Unexpected Reaction Pathway for butyrylcholinesterase-catalyzed inactivation of "hunger hormone" ghrelin

Abstract

Extensive computational modeling and simulations have been carried out, in the present study, to uncover the fundamental reaction pathway for butyrylcholinesterase (BChE)-catalyzed hydrolysis of ghrelin, demonstrating that the acylation process of BChE-catalyzed hydrolysis of ghrelin follows an unprecedented single-step reaction pathway and the single-step acylation process is rate-determining. The free energy barrier (18.8 kcal/mol) calculated for the rate-determining step is reasonably close to the experimentally-derived free energy barrier (~19.4 kcal/mol), suggesting that the obtained mechanistic insights are reasonable. The single-step reaction pathway for the acylation is remarkably different from the well-known two-step acylation reaction pathway for numerous ester hydrolysis reactions catalyzed by a serine esterase. This is the first time demonstrating that a single-step reaction pathway is possible for an ester hydrolysis reaction catalyzed by a serine esterase and, therefore, one no longer can simply assume that the acylation process must follow the well-known two-step reaction pathway.

Figure 1. Possible reaction pathways for human BChE-catalyzed hydrolysis of ghrelin.

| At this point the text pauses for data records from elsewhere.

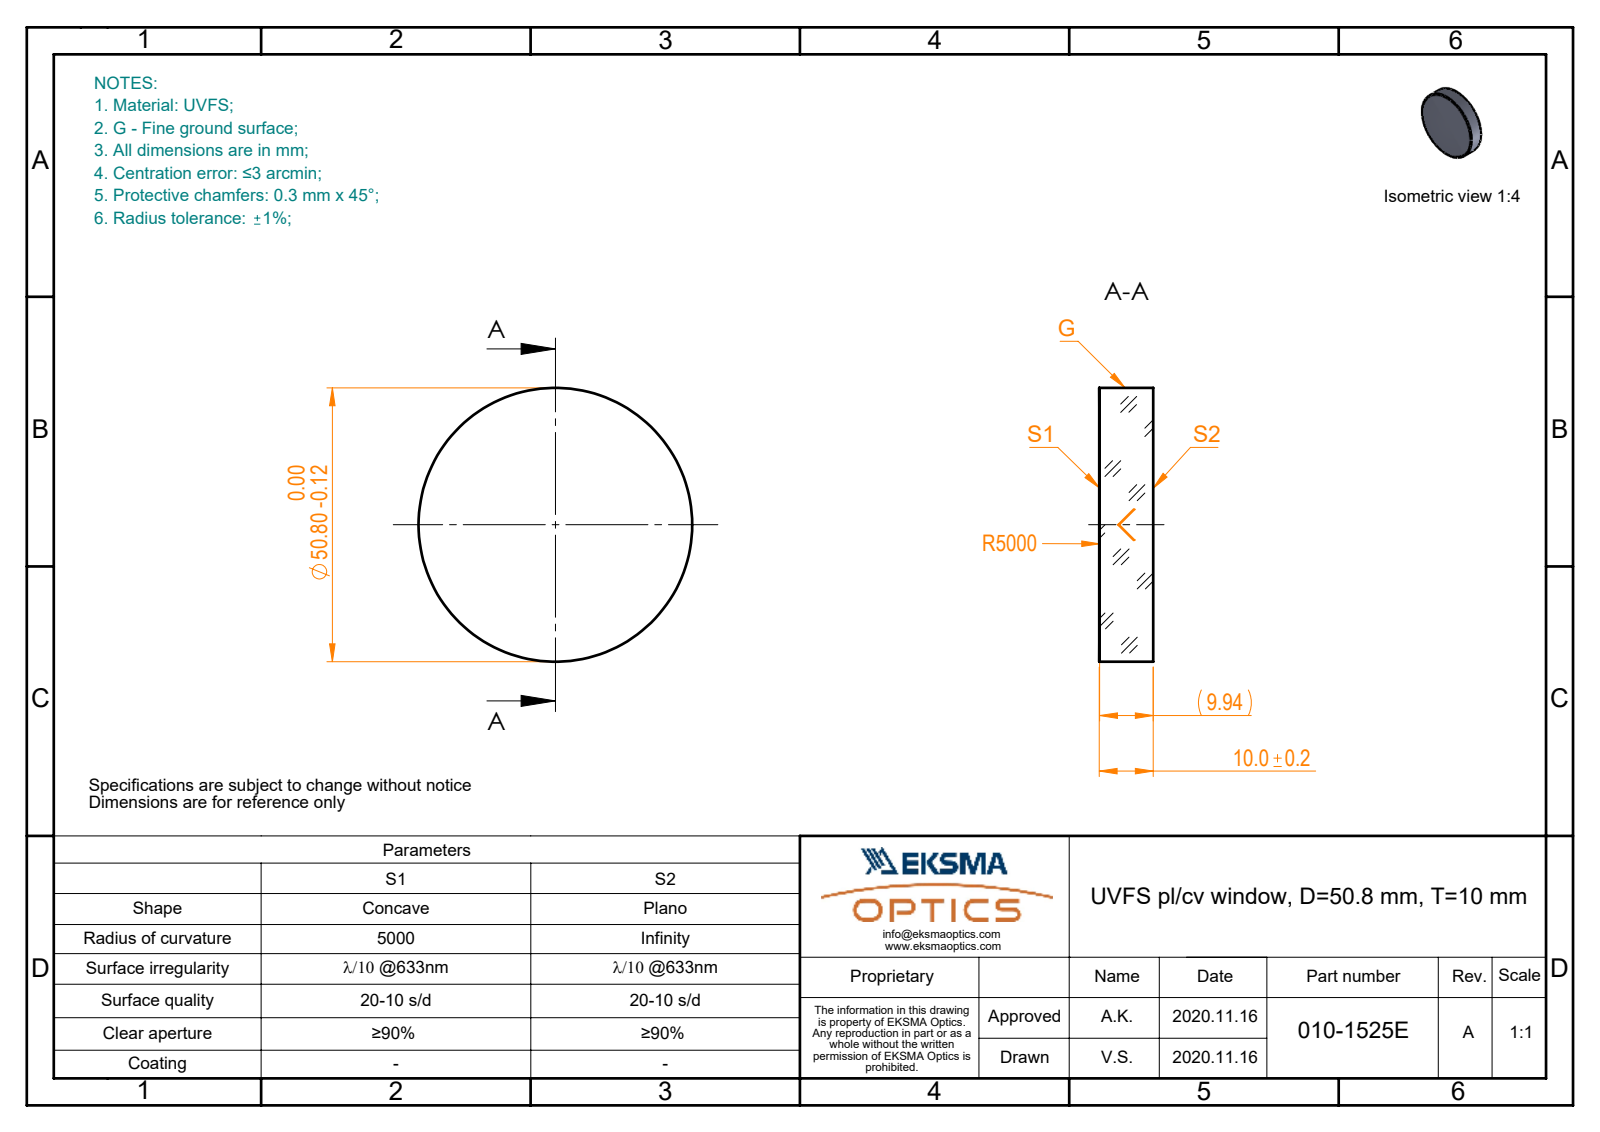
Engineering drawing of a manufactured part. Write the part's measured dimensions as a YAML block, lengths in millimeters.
part_name: "010-1525E_UVFS_PCV_window"
step_written_by: "SolidWorks 2019 (CONFIG_CONTROL_DESIGN)"
units: millimeters
bodies: {solids: 1, faces: 5, planar: 1, cylindrical: 2, other: 2}
overall_size: [50.8, 50.8, 10]
volume: 20203
surface_area: 5650
round_bosses_or_shafts:
  - {diameter: 50.8, count: 1}
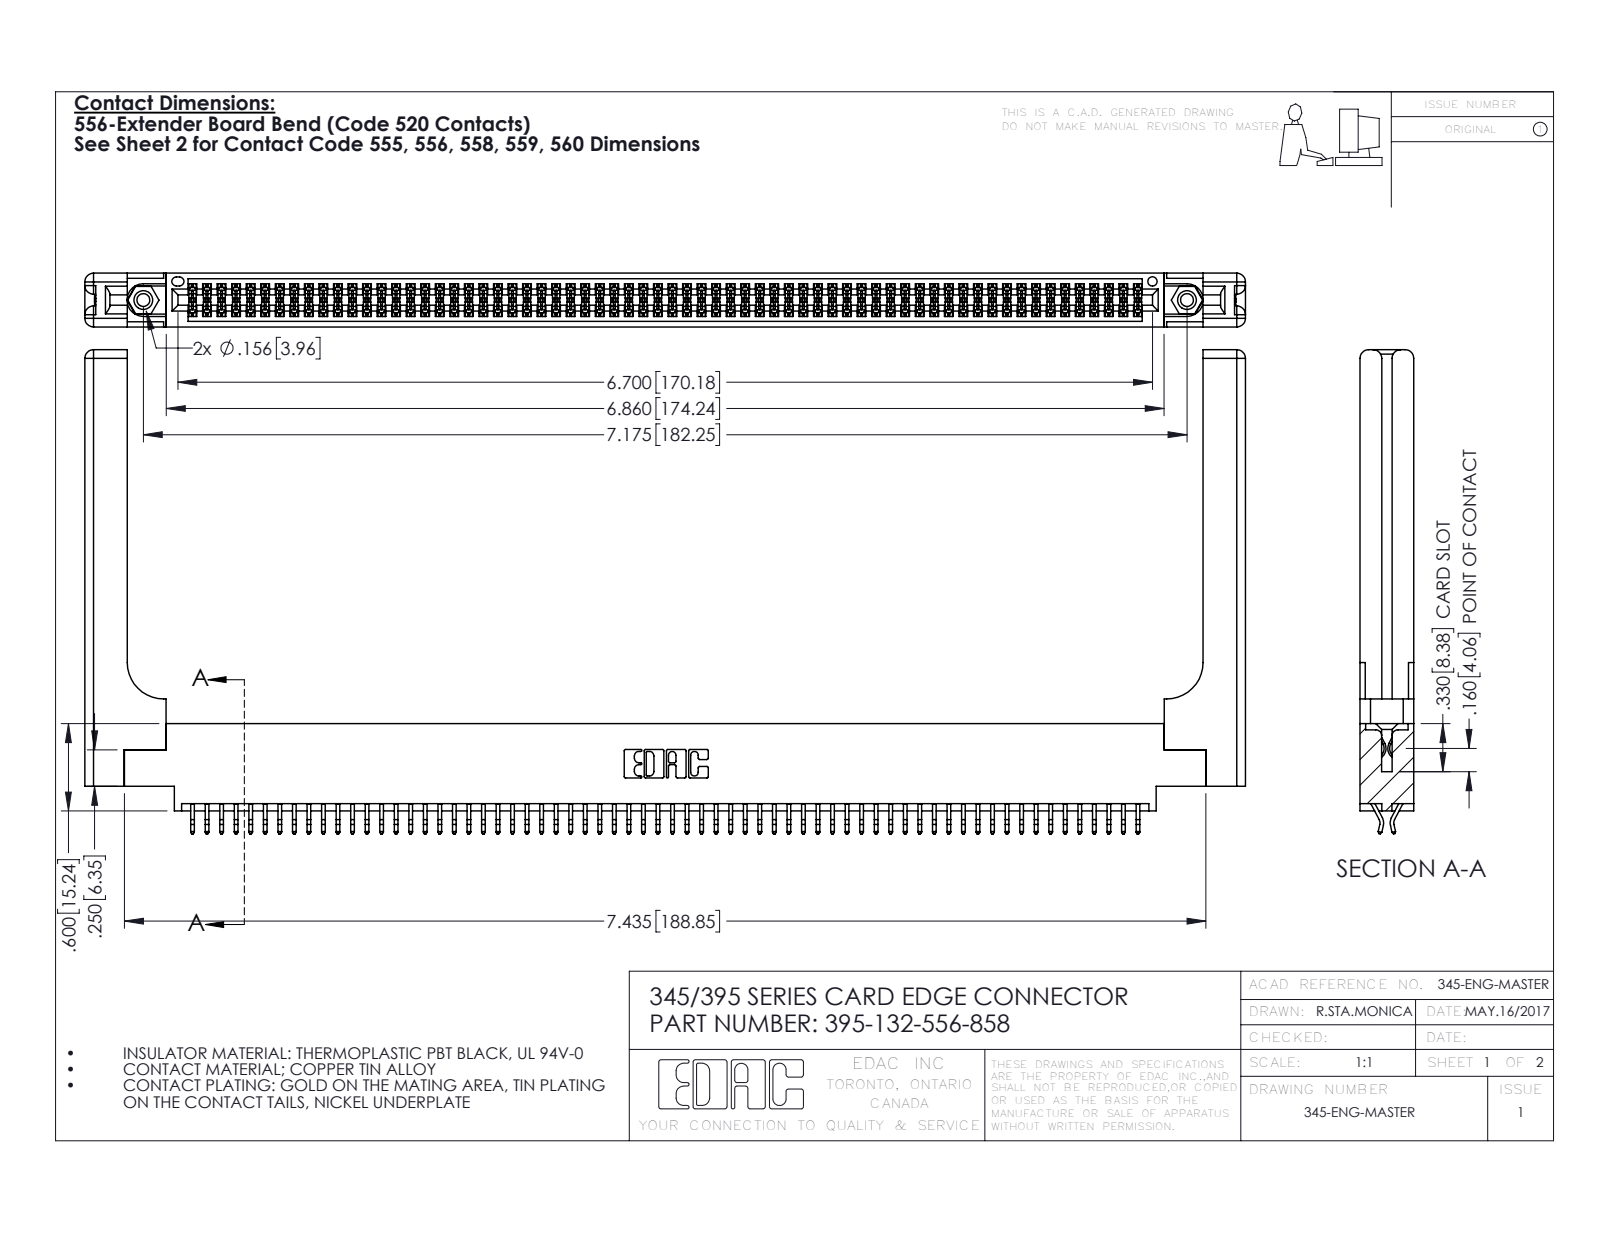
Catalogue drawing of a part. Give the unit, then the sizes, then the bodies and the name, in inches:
Units: inches
Overall size (bounding box): 7.979 × 3.327 × 0.37
Round holes (diameter × count): ⌀0.089 ×2, ⌀0.125 ×2, ⌀0.156 ×2, ⌀0.064 ×1
Round bosses / shafts (diameter × count): ⌀0.155 ×2
Partial cylindrical surfaces — rounded edges, fillets, slot ends (radius × count): R0.006 ×198, R0.01 ×22, R0.06 ×16, R0.007 ×6, R0.031 ×6, R0.026 ×3, R0.01 ×2, R0.014 ×2
Main face-to-face distances: 0.072, 0.298, 0.37, 0.025, 0.098, 0.272, 0.2, 0.225, 0.175, 0.148
Hole centre spacings: 0.27, 6.939, 7.175
Volume: 1.725 in³ · Surface area: 53.95 in²
Bodies: 137 solids, 7778 faces (5116 planar, 2602 cylindrical, 60 other)
Part name (STEP PRODUCT): 345-292-001_556 Tail; 345-220-058_345-220-058; 395-132-556-858; 345-250-001_345-250-001-102 (+1 more)
STEP written by: SolidWorks 2016 (CONFIG_CONTROL_DESIGN)

(A) Amino acid sequence of human ghrelin. (B) Acylation process (with or without existence of a tetrahedral intermediate) in which ghrelin is represented as CH₃(CH₂)₆COOR: Reactant State (RS), Tetrahedral Intermediate (TI_a), and Acyl-Enzyme (AE) + desacyl-ghrelin (ROH). (C) Deacylation process: Acyl-Enzyme (AE) + H₂O, Tetrahedral Intermediate (TI_d), and Product State (PS).

Figure 2

Optimized geometries of (A) the reactant state (RS) and (B) the transition state (TS1) for the acylation process of BChE-catalyzed hydrolysis of ghrelin. Indicated in the figures are the internuclear distances (Å) optimized at the QM/MM(SCC-DFTB:CHARMM27) level, and the values in parentheses refer to the distances optimized at the QM/MM(B3LYP/6-31G*:CHARMM27) level. (C) Plot of the potential energy vs the reaction coordinate (RC1) used the in the QM/MM(SCC-DFTB:CHARMM27) reaction-coordinate calculations; RC1 = r(C−O³) – r(C−O^γ). (D) Plots of key internuclear distances vs the intrinsic reaction coordinate (IRC) calculations at the QM/MM(SCC-DFTB:CHARMM27) level. The distances shown include the following atoms: C (carbonyl carbon atom on the n-octanoylated Ser3 side chain of ghrelin); O³ (ester oxygen atom on the n-octanoylated Ser3 side chain of ghrelin); O^γ (hydroxyl oxygen atom on Ser198 side chain of BChE); H^γ (hydroxyl hydrogen on the n-octanoylated Ser3 side chain of ghrelin); and N^ε (nitrogen atom on His438 side chain of BChE).

Figure 3

Optimized geometries of (A) the acyl-enzyme (AE) + H₂O, (B) transition state TS2, (C) tetrahedral intermediate TI_d, and (D) transition state TS3 during the deacylation process of BChE-catalyzed hydrolysis of ghrelin. Indicated in the geometries are the internuclear distances (Å) optimized at the QM/MM(SCC-DFTB:CHARMM27) level, and the corresponding values in parentheses refer to the distances optimized at the QM/MM(B3LYP/6-31G*:CHARMM27) level.

Figure 4. Minimum free energy profile determined by the QM/MM(SCC-DFTB:CHARMM27) calculations based two-dimensional PMF free energy maps for the entire reaction process (acylation and deacylation) of BChE-catalyzed hydrolysis of ghrelin.